Action item
Each line below from the one containing "-75.4, -63.7, -65.4" through the one containing "50 + j0.187 ohm" is to be given again exactly, and no line outside that span.

(Collection entries)
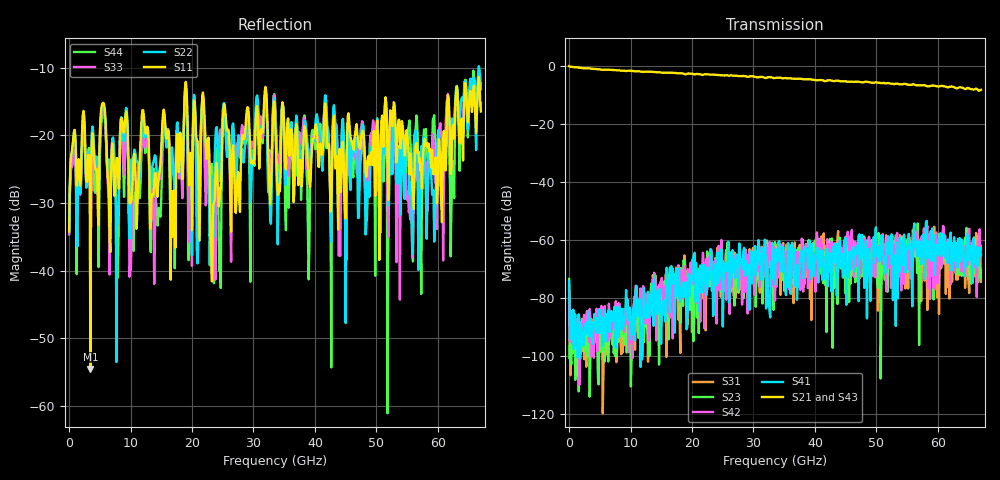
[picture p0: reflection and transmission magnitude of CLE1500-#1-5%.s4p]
!Keysight Technologies,N5247B,US50470101,A.16.20.02
!Date: Thursday, March 13, 2025 10:09:27
!Correction: S11(C  4-Port  )
!S12(C  4-Port  )
!S13(C  4-Port  )
!S14(C  4-Port  )
!S21(C  4-Port  )
!S22(C  4-Port  )
!S23(C  4-Port  )
!S24(C  4-Port  )
!S31(C  4-Port  )
!S32(C  4-Port  )
!S33(C  4-Port  )
!S34(C  4-Port  )
!S41(C  4-Port  )
!S42(C  4-Port  )
!S43(C  4-Port  )
!S44(C  4-Port  )
!S4P File: Measurements: <S11,S12,S13,S14>,
!<S21,S22,S23,S24>,
!<S31,S32,S33,S34>,
!<S41,S42,S43,S44>:
# Hz S  dB  R 50
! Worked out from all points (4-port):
!   601 points, 10 MHz to 67 GHz, reference 50 ohm
!   strongest paths, dB at 10 MHz, 16.76 GHz, 33.51 GHz, 50.25 GHz, 67 GHz:
!     S21: 0.0, -2.3, -4.1, -5.7, -8.2
!     S43: 0.0, -2.4, -4.3, -5.6, -8.3
!     S41: -74.3, -74.8, -75.4, -63.7, -65.4
!     S42: -77.8, -75.4, -81.0, -67.4, -63.3
!     S23: -73.5, -75.3, -60.8, -76.5, -73.0
!     S31: -75.9, -85.4, -62.5, -84.5, -74.5
!   lowest |S11| = -54.5 dB at 3.471 GHz (marker M1), VSWR 1.00, Z = 50 + j0.187 ohm
!   |S11| at or under -10 dB: start of sweep to end of sweep
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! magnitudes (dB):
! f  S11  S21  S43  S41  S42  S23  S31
! 10 MHz  -34.2  0.0  0.0  -74.3  -77.8  -73.5  -75.9
! 3.471 GHz  -54.5  -0.8  -0.8  -87.4  -86.9  -101.0  -92.0
! 5.481 GHz  -15.2  -1.3  -1.2  -96.7  -95.5  -97.4  -119.9
! 7.825 GHz  -23.3  -1.4  -1.4  -87.5  -84.1  -94.9  -97.6
! 18.99 GHz  -12.1  -2.8  -2.8  -74.6  -73.3  -74.2  -72.7
! 57.17 GHz  -25.3  -6.7  -7.2  -65.2  -59.9  -67.3  -60.6
! 67 GHz  -16.5  -8.2  -8.3  -65.4  -63.3  -73.0  -74.5

Result of this task
!     S41: -74.3, -74.8, -75.4, -63.7, -65.4
!     S42: -77.8, -75.4, -81.0, -67.4, -63.3
!     S23: -73.5, -75.3, -60.8, -76.5, -73.0
!     S31: -75.9, -85.4, -62.5, -84.5, -74.5
!   lowest |S11| = -54.5 dB at 3.471 GHz (marker M1), VSWR 1.00, Z = 50 + j0.187 ohm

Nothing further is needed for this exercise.